■ WHAT IS EXPECTED
Your answer is the line containing "#15261 = FACE_OUTER_BOUND" plus every line after it to the end of the data below, transcribed exactly and with nothing else.

Records from a data source:
*** Begin section ***

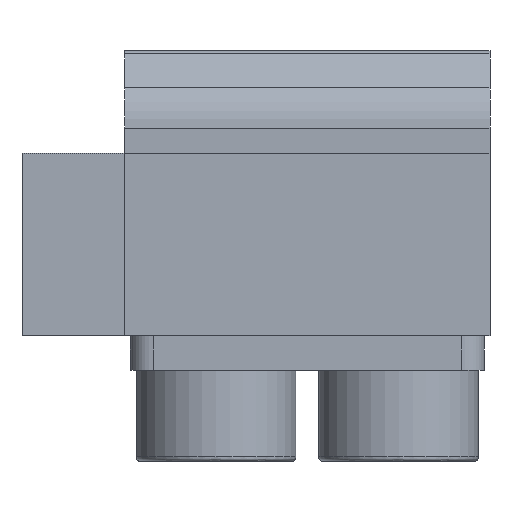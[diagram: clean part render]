
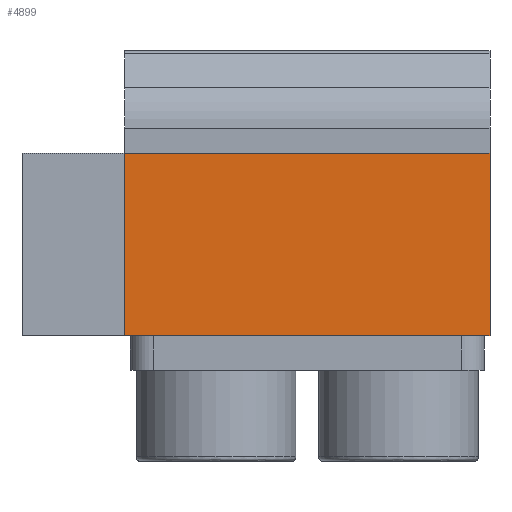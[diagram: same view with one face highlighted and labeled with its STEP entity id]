
A CAD part, front view. The second image highlights one B-rep face of the part: STEP entity #4899.
In plain terms, the highlighted planar face has unit normal (0, -1, 0).
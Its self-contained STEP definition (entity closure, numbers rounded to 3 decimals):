
#426 = LINE ( 'NONE', #11451, #13888 ) ;
#536 = AXIS2_PLACEMENT_3D ( 'NONE', #8408, #578, #9727 ) ;
#578 = DIRECTION ( 'NONE',  ( 0., -1., 0. ) ) ;
#1773 = ORIENTED_EDGE ( 'NONE', *, *, #7046, .F. ) ;
#1798 = PLANE ( 'NONE',  #536 ) ;
#2067 = CARTESIAN_POINT ( 'NONE',  ( -32.33, -24.022, 20.904 ) ) ;
#2151 = VERTEX_POINT ( 'NONE', #11983 ) ;
#2762 = CARTESIAN_POINT ( 'NONE',  ( -24.33, -24.022, 12.904 ) ) ;
#3635 = CARTESIAN_POINT ( 'NONE',  ( -40.33, -24.022, 16.904 ) ) ;
#3747 = VECTOR ( 'NONE', #11168, 1000. ) ;
#4138 = VERTEX_POINT ( 'NONE', #9646 ) ;
#4512 = ORIENTED_EDGE ( 'NONE', *, *, #16028, .F. ) ;
#4575 = VERTEX_POINT ( 'NONE', #2762 ) ;
#4696 = DIRECTION ( 'NONE',  ( -1., 0., 0. ) ) ;
#4723 = LINE ( 'NONE', #8707, #11270 ) ;
#4899 = ADVANCED_FACE ( 'NONE', ( #15261 ), #1798, .T. ) ;
#5834 = EDGE_CURVE ( 'NONE', #4138, #2151, #13742, .T. ) ;
#6979 = ORIENTED_EDGE ( 'NONE', *, *, #8050, .F. ) ;
#7046 = EDGE_CURVE ( 'NONE', #10529, #2151, #7856, .T. ) ;
#7435 = ORIENTED_EDGE ( 'NONE', *, *, #5834, .T. ) ;
#7856 = LINE ( 'NONE', #3635, #14790 ) ;
#8050 = EDGE_CURVE ( 'NONE', #4138, #4575, #426, .T. ) ;
#8408 = CARTESIAN_POINT ( 'NONE',  ( -40.33, -24.022, 20.904 ) ) ;
#8707 = CARTESIAN_POINT ( 'NONE',  ( -34.58, -24.022, 12.904 ) ) ;
#9646 = CARTESIAN_POINT ( 'NONE',  ( -24.33, -24.022, 20.904 ) ) ;
#9727 = DIRECTION ( 'NONE',  ( 0., 0., -1. ) ) ;
#10529 = VERTEX_POINT ( 'NONE', #16884 ) ;
#11168 = DIRECTION ( 'NONE',  ( -1., 0., 0. ) ) ;
#11270 = VECTOR ( 'NONE', #4696, 1000. ) ;
#11447 = DIRECTION ( 'NONE',  ( 0., 0., 1. ) ) ;
#11451 = CARTESIAN_POINT ( 'NONE',  ( -24.33, -24.022, 16.904 ) ) ;
#11500 = EDGE_LOOP ( 'NONE', ( #1773, #4512, #6979, #7435 ) ) ;
#11983 = CARTESIAN_POINT ( 'NONE',  ( -40.33, -24.022, 20.904 ) ) ;
#13742 = LINE ( 'NONE', #2067, #3747 ) ;
#13888 = VECTOR ( 'NONE', #14070, 1000. ) ;
#14070 = DIRECTION ( 'NONE',  ( 0., 0., -1. ) ) ;
#14790 = VECTOR ( 'NONE', #11447, 1000. ) ;
#15261 = FACE_OUTER_BOUND ( 'NONE', #11500, .T. ) ;
#16028 = EDGE_CURVE ( 'NONE', #4575, #10529, #4723, .T. ) ;
#16884 = CARTESIAN_POINT ( 'NONE',  ( -40.33, -24.022, 12.904 ) ) ;

*** End section ***

■ TASK RESPONSE
#15261 = FACE_OUTER_BOUND ( 'NONE', #11500, .T. ) ;
#16028 = EDGE_CURVE ( 'NONE', #4575, #10529, #4723, .T. ) ;
#16884 = CARTESIAN_POINT ( 'NONE',  ( -40.33, -24.022, 12.904 ) ) ;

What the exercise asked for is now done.